Pada post kali ini, dibahas mengenai rangkaian Interlock,  yang merupakan salah satu dasar bahasa pemrograman Ladder Diagram (bahasa pemrograman untuk PLC). Berikut ini adalah skematik rangkaian Interlock yang dibangun dengan menggunakan relay :


Pada skematik di atas, selain relay, terdapat juga push button dan lampu DC. Push button juga ada dua macam : NO (Normally Open) dan NC (Normally Close). Untuk push button NO, pada saat tidak ditekan, kedua kaki/pinnya bersifat hubung-terbuka, selama ditekan, kedua kaki/pinnya menjadi hubung-singkat, dan ketika dilepaskan, maka kedua kaki/pinnya kembali bersifat hubung-terbuka. Demikian juga sebaliknya pada push button NC.

Ketika push button RUN ditekan, maka arus sebesar I akan mengalir melalui pin-pin push button RUN, kemudian melalui pin-pin push button STOP, Lampu DC (karenanya Lampu DC menjadi menyala), dan akhirnya mengaliri coil relay. Karena coil dialiri arus, maka contact relay mengalami switching, sehingga contact NO mengalami hubung singkat, sementara contact NC mengalami hubung terbuka. Dengan demikian arus I menjadi terbagi antara melalui push button RUN dan melalui contact NO, seperti berikut :


Saat push button RUN berhenti ditekan (dengan kata lain dilepaskan), maka pin-pin push button RUN menjadi hubung-terbuka, dengan demikian sekarang arus yg melalui pin-pin push button RUN menjadi 0 Ampere, sementara arus sebesar I menjadi mengalir melalui contact NO relay. Perhatikan bahwa sekarang arus ke coil relay di-support oleh contact-nya sendiri. Karena Lampu DC masih dialiri oleh arus sebesar I, maka lampu tersebut masih tetap menyala. Hal ini dapat diilustrasikan sebagai berikut :


Sekarang perhatikan ketika push button STOP (NC) ditekan. Pin-pin push button STOP menjadi bersifat hubung-terbuka. Dengan demikian keseluruhan rangkaian Interlock menjadi bersifat hubung-terbuka, dan arus tidak mengalir lagi pada rangkaian ini. Karena tidak dialiri arus, maka kini Lampu DC menjadi mati kembali. Demikian juga dengan relay, karena coil-nya tidak dialiri arus, maka contact-nya mengalami switching dan kembali ke keadaan semula (contact NO hubung-terbuka dan contact NC hubung-singkat).
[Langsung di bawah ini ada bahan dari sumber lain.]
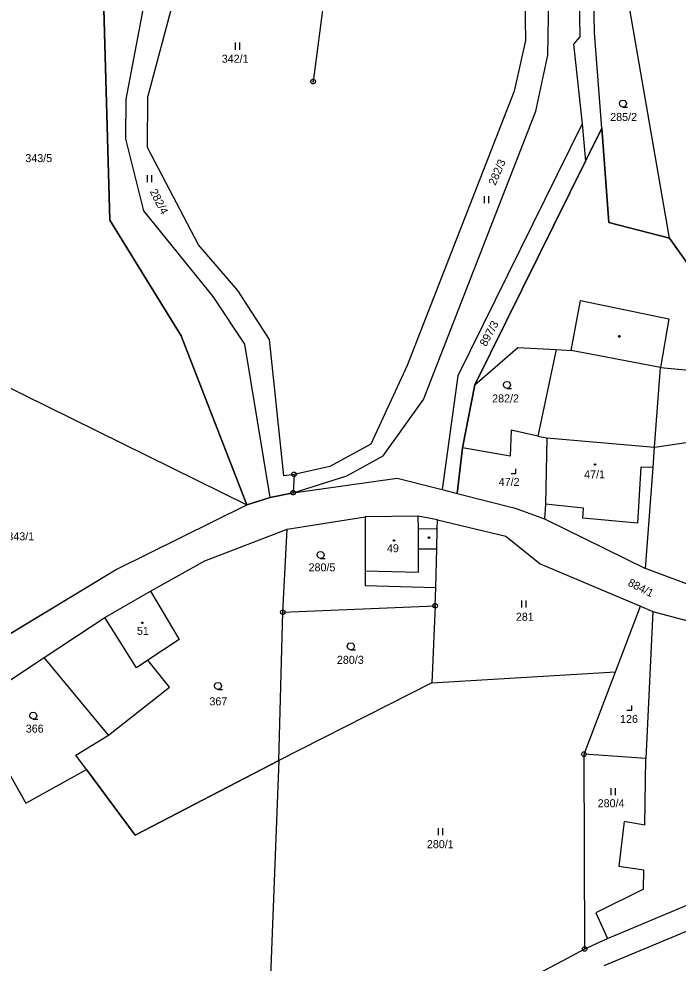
# Model space of a CAD drawing. Extents: x -580551 to -575069, y -1073031 to -1067931.
# Drawn here: x -577343.9 to -577203.9, y -1069968.7 to -1069768.1 of the extents above; entities that cross this region are included whole.
import ezdxf

# ---------------------------------------------------------------- set-up
doc = ezdxf.new("R2010")
doc.units = 0
for name, color, linetype in [('Druh pozemku', 7, 'Continuous'), ('Geodetické body', 7, 'Continuous'), ('Hranice z DKM', 7, 'Continuous'), ('Parcela', 7, 'Continuous'), ('Parcelní číslo', 7, 'Continuous'), ('Parcelní číslo_stavba', 7, 'Continuous'), ('SR - hranice státu', 7, 'Continuous'), ('Vnitřní kresba', 7, 'Continuous'), ('Vrstva 6', 7, 'Continuous')]:
    doc.layers.add(name, color=color, linetype=linetype)

msp = doc.modelspace()

# ---------------------------------------------------------------- linework, layer by layer
at = {"layer": 'Druh pozemku'}
for p, q in [((-577297.96, -1069773.18), (-577297.96, -1069774.68)), ((-577296.96, -1069774.68), (-577296.96, -1069773.18)), ((-577316.64, -1069801.35), (-577316.64, -1069802.85)), ((-577315.64, -1069802.85), (-577315.64, -1069801.35)), ((-577245.06, -1069805.78), (-577245.06, -1069807.28)), ((-577244.06, -1069807.28), (-577244.06, -1069805.78)), ((-577237.12, -1069891.66), (-577237.12, -1069893.16)), ((-577236.12, -1069893.16), (-577236.12, -1069891.66)), ((-577218.17, -1069931.53), (-577218.17, -1069933.03)), ((-577217.17, -1069933.03), (-577217.17, -1069931.53)), ((-577254.83, -1069940.05), (-577254.83, -1069941.55)), ((-577253.83, -1069941.55), (-577253.83, -1069940.05))]:
    msp.add_line(p, q, dxfattribs=at)
for points in [[(-577215.58, -1069786.86), (-577215.96, -1069786.76), (-577216.23, -1069786.49), (-577216.33, -1069786.12), (-577216.23, -1069785.75), (-577215.96, -1069785.48), (-577215.59, -1069785.38), (-577215.22, -1069785.48), (-577214.95, -1069785.75), (-577214.85, -1069786.13), (-577214.95, -1069786.51), (-577215.22, -1069786.78), (-577215.6, -1069786.88), (-577214.6, -1069786.88)], [(-577240.21, -1069846.62), (-577240.59, -1069846.52), (-577240.86, -1069846.25), (-577240.96, -1069845.88), (-577240.86, -1069845.51), (-577240.59, -1069845.24), (-577240.22, -1069845.14), (-577239.85, -1069845.24), (-577239.58, -1069845.51), (-577239.48, -1069845.89), (-577239.58, -1069846.27), (-577239.85, -1069846.54), (-577240.23, -1069846.64), (-577239.23, -1069846.64)], [(-577239.34, -1069864.71), (-577238.34, -1069864.71), (-577238.34, -1069863.71)], [(-577279.8, -1069882.74), (-577280.18, -1069882.64), (-577280.45, -1069882.37), (-577280.55, -1069882), (-577280.45, -1069881.63), (-577280.18, -1069881.36), (-577279.81, -1069881.26), (-577279.44, -1069881.36), (-577279.17, -1069881.63), (-577279.07, -1069882.01), (-577279.17, -1069882.39), (-577279.44, -1069882.66), (-577279.82, -1069882.76), (-577278.82, -1069882.76)], [(-577273.39, -1069902.15), (-577273.77, -1069902.05), (-577274.04, -1069901.78), (-577274.14, -1069901.41), (-577274.04, -1069901.04), (-577273.77, -1069900.77), (-577273.4, -1069900.67), (-577273.03, -1069900.77), (-577272.76, -1069901.04), (-577272.66, -1069901.42), (-577272.76, -1069901.8), (-577273.03, -1069902.07), (-577273.41, -1069902.17), (-577272.41, -1069902.17)], [(-577301.58, -1069910.56), (-577301.96, -1069910.46), (-577302.23, -1069910.19), (-577302.33, -1069909.82), (-577302.23, -1069909.45), (-577301.96, -1069909.18), (-577301.59, -1069909.08), (-577301.22, -1069909.18), (-577300.95, -1069909.45), (-577300.85, -1069909.83), (-577300.95, -1069910.21), (-577301.22, -1069910.48), (-577301.6, -1069910.58), (-577300.6, -1069910.58)], [(-577340.82, -1069916.88), (-577341.2, -1069916.78), (-577341.47, -1069916.51), (-577341.57, -1069916.14), (-577341.47, -1069915.77), (-577341.2, -1069915.5), (-577340.83, -1069915.4), (-577340.46, -1069915.5), (-577340.19, -1069915.77), (-577340.09, -1069916.15), (-577340.19, -1069916.53), (-577340.46, -1069916.8), (-577340.84, -1069916.9), (-577339.84, -1069916.9)], [(-577214.73, -1069914.99), (-577213.73, -1069914.99), (-577213.73, -1069913.99)]]:
    msp.add_lwpolyline(points, dxfattribs=at)
for points in [[(-577216.26, -1069835.42), (-577216.17, -1069835.57), (-577216.26, -1069835.72), (-577216.44, -1069835.72), (-577216.53, -1069835.57), (-577216.44, -1069835.42)], [(-577221.45, -1069862.62), (-577221.36, -1069862.77), (-577221.45, -1069862.92), (-577221.63, -1069862.92), (-577221.72, -1069862.77), (-577221.63, -1069862.62)], [(-577264.11, -1069878.8), (-577264.02, -1069878.95), (-577264.11, -1069879.1), (-577264.29, -1069879.1), (-577264.38, -1069878.95), (-577264.29, -1069878.8)], [(-577256.67, -1069878.19), (-577256.58, -1069878.34), (-577256.67, -1069878.49), (-577256.85, -1069878.49), (-577256.94, -1069878.34), (-577256.85, -1069878.19)], [(-577317.56, -1069896.28), (-577317.47, -1069896.43), (-577317.56, -1069896.58), (-577317.74, -1069896.58), (-577317.83, -1069896.43), (-577317.74, -1069896.28)]]:
    msp.add_lwpolyline(points, close=True, dxfattribs=at)
at = {"layer": 'Geodetické body'}
for p, q in [((-577281.5, -1069781.45), (-577281.26, -1069781.45)), ((-577285.55, -1069864.9), (-577285.31, -1069864.9)), ((-577285.74, -1069868.8), (-577285.5, -1069868.8)), ((-577255.59, -1069892.81), (-577255.35, -1069892.81)), ((-577287.92, -1069894.19), (-577287.68, -1069894.19)), ((-577223.97, -1069924.33), (-577223.73, -1069924.33)), ((-577223.83, -1069965.71), (-577223.59, -1069965.71))]:
    msp.add_line(p, q, dxfattribs=at)
for points in [[(-577281.23, -1069780.97), (-577280.98, -1069781.15), (-577280.88, -1069781.44), (-577280.98, -1069781.73), (-577281.23, -1069781.91), (-577281.54, -1069781.91), (-577281.79, -1069781.73), (-577281.89, -1069781.44), (-577281.79, -1069781.15), (-577281.54, -1069780.97)], [(-577285.28, -1069864.42), (-577285.03, -1069864.6), (-577284.93, -1069864.89), (-577285.03, -1069865.18), (-577285.28, -1069865.36), (-577285.59, -1069865.36), (-577285.84, -1069865.18), (-577285.94, -1069864.89), (-577285.84, -1069864.6), (-577285.59, -1069864.42)], [(-577285.47, -1069868.32), (-577285.22, -1069868.5), (-577285.12, -1069868.79), (-577285.22, -1069869.08), (-577285.47, -1069869.26), (-577285.78, -1069869.26), (-577286.03, -1069869.08), (-577286.13, -1069868.79), (-577286.03, -1069868.5), (-577285.78, -1069868.32)], [(-577287.65, -1069893.71), (-577287.4, -1069893.89), (-577287.3, -1069894.18), (-577287.4, -1069894.47), (-577287.65, -1069894.65), (-577287.96, -1069894.65), (-577288.21, -1069894.47), (-577288.31, -1069894.18), (-577288.21, -1069893.89), (-577287.96, -1069893.71)], [(-577255.32, -1069892.33), (-577255.07, -1069892.51), (-577254.97, -1069892.8), (-577255.07, -1069893.09), (-577255.32, -1069893.27), (-577255.63, -1069893.27), (-577255.88, -1069893.09), (-577255.98, -1069892.8), (-577255.88, -1069892.51), (-577255.63, -1069892.33)], [(-577223.7, -1069923.85), (-577223.45, -1069924.03), (-577223.35, -1069924.32), (-577223.45, -1069924.61), (-577223.7, -1069924.79), (-577224.01, -1069924.79), (-577224.26, -1069924.61), (-577224.36, -1069924.32), (-577224.26, -1069924.03), (-577224.01, -1069923.85)], [(-577223.56, -1069965.23), (-577223.31, -1069965.41), (-577223.21, -1069965.7), (-577223.31, -1069965.99), (-577223.56, -1069966.17), (-577223.87, -1069966.17), (-577224.12, -1069965.99), (-577224.22, -1069965.7), (-577224.12, -1069965.41), (-577223.87, -1069965.23)]]:
    msp.add_lwpolyline(points, close=True, dxfattribs=at)
at = {"layer": 'Hranice z DKM'}
msp.add_lwpolyline([(-577324.89, -1069726.66), (-577326.18, -1069753.47), (-577324.56, -1069810.92), (-577309.38, -1069835.47), (-577295.46, -1069871.36)], dxfattribs=at)
at = {"layer": 'Parcela'}
for p, q in [((-577225.74, -1069711.96), (-577224.72, -1069771.95)), ((-577205.71, -1069814.7), (-577223.18, -1069713.24)), ((-577221.6, -1069771.08), (-577223.18, -1069713.24)), ((-577300.14, -1069723.1), (-577316.47, -1069784.57)), ((-577231.53, -1069775.83), (-577230.82, -1069724.31)), ((-577236.87, -1069727.44), (-577236.28, -1069772.73)), ((-577276.54, -1069744.84), (-577281.38, -1069781.45)), ((-577324.56, -1069810.92), (-577326.18, -1069753.47)), ((-577321.11, -1069785.16), (-577315.7, -1069757.11)), ((-577220.08, -1069791.36), (-577221.6, -1069771.08)), ((-577236.28, -1069772.73), (-577238.72, -1069783.5)), ((-577224.72, -1069771.95), (-577226.09, -1069773.52)), ((-577226.09, -1069773.52), (-577224.26, -1069790.42)), ((-577234.1, -1069787.75), (-577231.53, -1069775.83)), ((-577238.72, -1069783.5), (-577261.41, -1069841.79)), ((-577321.13, -1069793.6), (-577321.11, -1069785.16)), ((-577316.53, -1069795.46), (-577316.47, -1069784.57)), ((-577257.96, -1069848.97), (-577234.1, -1069787.75)), ((-577224.26, -1069790.42), (-577250.62, -1069843.96)), ((-577220.08, -1069791.36), (-577223.56, -1069798.39)), ((-577218.58, -1069811.4), (-577220.08, -1069791.36)), ((-577317.34, -1069808.9), (-577321.13, -1069793.6)), ((-577305.72, -1069816.14), (-577316.53, -1069795.46)), ((-577223.56, -1069798.39), (-577247.03, -1069845.89)), ((-577302.59, -1069827.11), (-577317.34, -1069808.9)), ((-577309.38, -1069835.47), (-577324.56, -1069810.92)), ((-577205.71, -1069814.7), (-577218.58, -1069811.4)), ((-577185.48, -1069843.33), (-577205.71, -1069814.7)), ((-577297.37, -1069825.86), (-577305.72, -1069816.14)), ((-577295.86, -1069837.2), (-577302.59, -1069827.11)), ((-577290.64, -1069836.25), (-577297.37, -1069825.86)), ((-577295.46, -1069871.36), (-577309.38, -1069835.47)), ((-577290.48, -1069869.82), (-577295.86, -1069837.2)), ((-577287.63, -1069865.19), (-577290.64, -1069836.25)), ((-577247.03, -1069845.89), (-577237.93, -1069837.93)), ((-577237.93, -1069837.93), (-577229.77, -1069838.35)), ((-577229.77, -1069838.35), (-577233.66, -1069856.79)), ((-577353.77, -1069842.63), (-577295.46, -1069871.36)), ((-577261.41, -1069841.79), (-577269.12, -1069858.46)), ((-577208.88, -1069859.13), (-577207.6, -1069842.17)), ((-577207.6, -1069842.17), (-577188.34, -1069843.99)), ((-577250.62, -1069843.96), (-577253.98, -1069868.14)), ((-577247.03, -1069845.89), (-577249.65, -1069859.24)), ((-577266.5, -1069860.95), (-577257.96, -1069848.97)), ((-577239.34, -1069855.53), (-577239.55, -1069861.06)), ((-577233.66, -1069856.79), (-577239.34, -1069855.53)), ((-577233.66, -1069856.79), (-577231.72, -1069857.16)), ((-577231.72, -1069857.16), (-577232.07, -1069871.21)), ((-577208.88, -1069859.13), (-577191.14, -1069856.54)), ((-577269.12, -1069858.46), (-577277.83, -1069863.22)), ((-577249.65, -1069859.24), (-577250.76, -1069868.95)), ((-577239.55, -1069861.06), (-577249.65, -1069859.24)), ((-577209.2, -1069863.44), (-577208.88, -1069859.13)), ((-577274.25, -1069865.2), (-577266.5, -1069860.95)), ((-577277.83, -1069863.22), (-577285.43, -1069864.9)), ((-577210.81, -1069884.91), (-577209.2, -1069863.44)), ((-577285.43, -1069864.9), (-577287.63, -1069865.19)), ((-577285.43, -1069864.9), (-577285.62, -1069868.8)), ((-577285.62, -1069868.8), (-577274.25, -1069865.2)), ((-577285.62, -1069868.8), (-577263.51, -1069865.73)), ((-577263.51, -1069865.73), (-577253.98, -1069868.14)), ((-577290.48, -1069869.82), (-577295.46, -1069871.36)), ((-577285.62, -1069868.8), (-577290.48, -1069869.82)), ((-577253.98, -1069868.14), (-577250.76, -1069868.95)), ((-577250.76, -1069868.95), (-577238.45, -1069872.07)), ((-577323.38, -1069885.15), (-577295.46, -1069871.36)), ((-577232.07, -1069871.21), (-577232.25, -1069874.31)), ((-577259.07, -1069873.76), (-577270.35, -1069873.92)), ((-577254.98, -1069874.53), (-577259.07, -1069873.76)), ((-577238.45, -1069872.07), (-577232.25, -1069874.31)), ((-577286.87, -1069876.53), (-577270.35, -1069873.92)), ((-577270.35, -1069873.92), (-577270.34, -1069885.39)), ((-577255.06, -1069876.54), (-577254.98, -1069874.53)), ((-577254.98, -1069874.53), (-577240.49, -1069878.01)), ((-577232.25, -1069874.31), (-577210.81, -1069884.91)), ((-577304.4, -1069883.25), (-577286.87, -1069876.53)), ((-577287.8, -1069894.19), (-577286.87, -1069876.53)), ((-577255.14, -1069880.74), (-577255.06, -1069876.54)), ((-577240.49, -1069878.01), (-577233.14, -1069883.91)), ((-577255.3, -1069888.94), (-577255.14, -1069880.74)), ((-577315.89, -1069889.69), (-577304.4, -1069883.25)), ((-577364.42, -1069909.96), (-577323.38, -1069885.15)), ((-577270.34, -1069885.39), (-577270.34, -1069888.48)), ((-577233.14, -1069883.91), (-577211.86, -1069892.91)), ((-577195.72, -1069890.5), (-577210.81, -1069884.91)), ((-577325.63, -1069895.3), (-577315.89, -1069889.69)), ((-577315.89, -1069889.69), (-577309.81, -1069899.98)), ((-577270.34, -1069888.48), (-577255.3, -1069888.94)), ((-577255.47, -1069892.81), (-577255.3, -1069888.94)), ((-577287.8, -1069894.19), (-577255.47, -1069892.81)), ((-577255.47, -1069892.81), (-577256.18, -1069909.15)), ((-577217.17, -1069906.82), (-577211.86, -1069892.91)), ((-577211.86, -1069892.91), (-577209.21, -1069894.03)), ((-577338.5, -1069903.82), (-577325.63, -1069895.3)), ((-577288.66, -1069925.7), (-577287.8, -1069894.19)), ((-577209.21, -1069894.03), (-577210.7, -1069925.24)), ((-577209.21, -1069894.03), (-577201.02, -1069896.19)), ((-577309.81, -1069899.98), (-577316.47, -1069904.38)), ((-577354.01, -1069914.08), (-577338.5, -1069903.82)), ((-577324.82, -1069920.26), (-577338.5, -1069903.82)), ((-577311.9, -1069910.08), (-577316.47, -1069904.38)), ((-577256.18, -1069909.15), (-577217.17, -1069906.82)), ((-577223.85, -1069924.33), (-577217.17, -1069906.82)), ((-577256.18, -1069909.15), (-577288.66, -1069925.7)), ((-577324.82, -1069920.26), (-577311.9, -1069910.08)), ((-577331.76, -1069924.55), (-577324.82, -1069920.26)), ((-577329.51, -1069927.59), (-577331.76, -1069924.55)), ((-577288.66, -1069925.7), (-577319.14, -1069941.51)), ((-577288.66, -1069925.7), (-577291.47, -1069999.12)), ((-577223.71, -1069965.71), (-577223.85, -1069924.33)), ((-577210.7, -1069925.24), (-577223.85, -1069924.33)), ((-577210.96, -1069939.41), (-577210.7, -1069925.24)), ((-577342.36, -1069934.74), (-577329.51, -1069927.59)), ((-577319.14, -1069941.51), (-577329.51, -1069927.59)), ((-577344.57, -1069930.83), (-577342.36, -1069934.74)), ((-577215.31, -1069938.61), (-577216.49, -1069948.13)), ((-577210.96, -1069939.41), (-577215.31, -1069938.61)), ((-577216.49, -1069948.13), (-577211.13, -1069948.92)), ((-577211.21, -1069952.99), (-577211.13, -1069948.92)), ((-577211.21, -1069952.99), (-577221.32, -1069958.05)), ((-577221.32, -1069958.05), (-577218.87, -1069963.52)), ((-577218.87, -1069963.52), (-577201.68, -1069956.25)), ((-577197.02, -1069959.85), (-577219.63, -1069969.3)), ((-577223.71, -1069965.71), (-577218.87, -1069963.52)), ((-577227.38, -1069967.65), (-577223.71, -1069965.71)), ((-577255.36, -1069982.47), (-577227.38, -1069967.65))]:
    msp.add_line(p, q, dxfattribs=at)
at = {"layer": 'SR - hranice státu'}
for p, q in [((-577223.56, -1069798.39), (-577220.08, -1069791.36)), ((-577288.66, -1069925.7), (-577291.47, -1069999.12))]:
    msp.add_line(p, q, dxfattribs=at)
for points in [[(-577220.08, -1069791.36), (-577218.58, -1069811.4), (-577205.71, -1069814.7), (-577185.48, -1069843.33)], [(-577250.76, -1069868.95), (-577249.65, -1069859.24), (-577247.03, -1069845.89), (-577223.56, -1069798.39)], [(-577285.62, -1069868.8), (-577263.51, -1069865.73), (-577253.98, -1069868.14), (-577250.76, -1069868.95)], [(-577386.06, -1069921.75), (-577364.42, -1069909.96), (-577323.38, -1069885.15), (-577295.46, -1069871.36), (-577290.48, -1069869.82), (-577285.62, -1069868.8)], [(-577354.01, -1069914.08), (-577344.57, -1069930.83), (-577342.36, -1069934.74), (-577329.51, -1069927.59)], [(-577223.71, -1069965.71), (-577218.87, -1069963.52), (-577201.68, -1069956.25), (-577189.32, -1069952.46), (-577173.9, -1069944.95), (-577156.97, -1069935), (-577127.87, -1069920.6), (-577123.8, -1069922.68)], [(-577329.51, -1069927.59), (-577319.14, -1069941.51), (-577288.66, -1069925.7)], [(-577291.47, -1069999.12), (-577284.41, -1069995.28), (-577255.36, -1069982.47), (-577227.38, -1069967.65), (-577223.71, -1069965.71)]]:
    msp.add_lwpolyline(points, dxfattribs=at)
at = {"layer": 'Vnitřní kresba'}
for p, q in [((-577226.57, -1069838.55), (-577224.59, -1069827.97)), ((-577224.59, -1069827.97), (-577205.86, -1069831.84)), ((-577205.86, -1069831.84), (-577207.6, -1069842.17)), ((-577229.77, -1069838.35), (-577226.57, -1069838.55)), ((-577207.6, -1069842.17), (-577226.57, -1069838.55)), ((-577231.72, -1069857.16), (-577208.88, -1069859.13)), ((-577211.78, -1069863.37), (-577212.53, -1069875.29)), ((-577209.2, -1069863.44), (-577211.78, -1069863.37)), ((-577223.95, -1069872.05), (-577232.07, -1069871.21)), ((-577259.04, -1069876.48), (-577259.07, -1069873.76)), ((-577224.12, -1069874.16), (-577223.95, -1069872.05)), ((-577212.53, -1069875.29), (-577224.12, -1069874.16)), ((-577255.06, -1069876.54), (-577259.04, -1069876.48)), ((-577259.03, -1069880.71), (-577259.04, -1069876.48)), ((-577259.01, -1069885.68), (-577259.03, -1069880.71)), ((-577259.03, -1069880.71), (-577255.14, -1069880.74)), ((-577270.34, -1069885.39), (-577259.01, -1069885.68)), ((-577318.91, -1069905.99), (-577325.63, -1069895.3)), ((-577316.47, -1069904.38), (-577318.91, -1069905.99))]:
    msp.add_line(p, q, dxfattribs=at)
at = {"layer": 'Vrstva 6'}
msp.add_line((-577224.26, -1069790.42), (-577223.56, -1069798.39), dxfattribs=at)

# ---------------------------------------------------------------- texts
at = {"layer": 'Parcelní číslo'}
for s, p in [('342/1', (-577300.784, -1069777.45)), ('285/2', (-577218.294, -1069789.82)), ('343/5', (-577342.494, -1069798.56)), ('282/2', (-577243.358, -1069849.61)), ('343/1', (-577346.316, -1069878.91)), ('280/5', (-577282.343, -1069885.49)), ('281', (-577238.326, -1069895.99)), ('280/3', (-577276.328, -1069905.14)), ('367', (-577303.406, -1069913.95)), ('366', (-577342.401, -1069919.75)), ('280/4', (-577220.951, -1069935.6)), ('280/1', (-577257.224, -1069944.3))]:
    msp.add_text(s, height=1.7, dxfattribs=at).set_placement(p)
for s, rotation, p in [('282/3', 66.69229, (-577242.68, -1069803.644)), ('282/4', 296.90673, (-577316.13, -1069804.782)), ('897/3', 61.36378, (-577244.643, -1069837.856)), ('884/1', 332.88848, (-577214.685, -1069888.438))]:
    msp.add_text(s, height=1.7, rotation=rotation, dxfattribs=at).set_placement(p)
at = {"layer": 'Parcelní číslo_stavba'}
for s, p in [('47/2', (-577241.971, -1069867.35)), ('47/1', (-577223.829, -1069865.73)), ('49', (-577265.706, -1069881.43)), ('51', (-577318.81, -1069898.98)), ('126', (-577216.202, -1069917.69))]:
    msp.add_text(s, height=1.7, dxfattribs=at).set_placement(p)

doc.saveas('drawing.dxf')
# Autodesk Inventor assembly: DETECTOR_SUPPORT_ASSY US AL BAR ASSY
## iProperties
Shininess: 64.0
Length Units: 11272
Angle Units: 11279
Time Units: 11290
Mass Units: 11286
Length Display Precision: 3
Angle Display Precision: 2
Compacted: True
Part Number: DETECTOR_SUPPORT_ASSY US AL BAR ASSY
Document SubType Name: Assembly
Created: 2004-08
Designer: John Blackburn
Manufacturer: Standard
Standards Organization: Custom
Density: 0.0
Volumn: 0.0
Area: 0.0
PropertySet Name: Model Information
Control State: 0
Master: False
Checked Out: False
Author: John Blackburn
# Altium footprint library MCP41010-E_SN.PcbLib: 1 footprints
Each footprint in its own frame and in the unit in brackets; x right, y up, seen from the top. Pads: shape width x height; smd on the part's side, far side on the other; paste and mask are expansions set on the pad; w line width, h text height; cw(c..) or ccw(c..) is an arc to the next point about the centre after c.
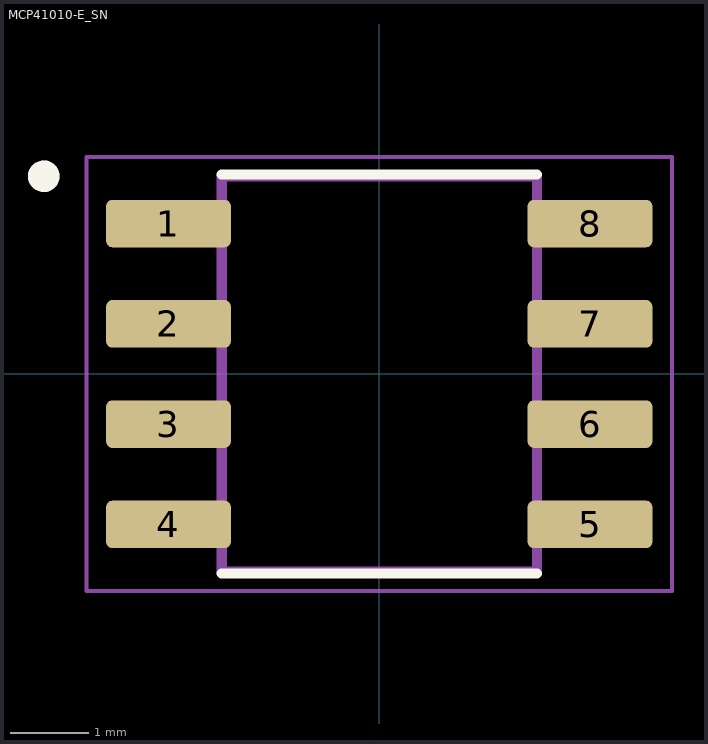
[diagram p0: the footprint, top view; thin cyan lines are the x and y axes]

## MCP41010-E_SN [mm]
pads (8):
  rrect25% 1.58x0.6 smd: 1(-2.67,1.905) 2(-2.67,0.635) 3(-2.67,-0.635) 4(-2.67,-1.905) 5(2.67,-1.905) 6(2.67,-0.635) 7(2.67,0.635) 8(2.67,1.905)
Top Overlay:
  circle w0.2: c-4.25,2.505 r0.1
  lines w0.127: -1.995,-2.525 1.995,-2.525 ; -1.995,2.525 1.995,2.525
Mechanical 13:
  circle w0.2: c-4.25,2.505 r0.1
  lines w0.127: -1.995,-2.5 -1.995,2.5 1.995,2.5 1.995,-2.5 -1.995,-2.5
Mechanical 15:
  lines w0.05: -3.71,-2.75 -3.71,2.75 3.71,2.75 3.71,-2.75 -3.71,-2.75
3D body "MCP41010-E_SN.STEP": height 1.75, standoff 0, extent -3,-2.45 3,2.45

Perhatikan ilustrasi berikut :

Walaupun push button STOP sudah tidak ditekan lagi, Lampu DC tetap tidak akan menyala, karena push button RUN tidak ditekan dan contact NO bersifat hubung-terbuka, sehingga tidak arus yang mengalir pada rangkaian Interlock ini.

Terima kasih penulis ucapkan pada Pak Slamet, Teknisi semi Engineer dari P.T. Indoserako, yang telah mendemonstrasikan cara kerja sebuah rangkaian Interlock yang dibangun dengan menggunakan relay, kepada penulis.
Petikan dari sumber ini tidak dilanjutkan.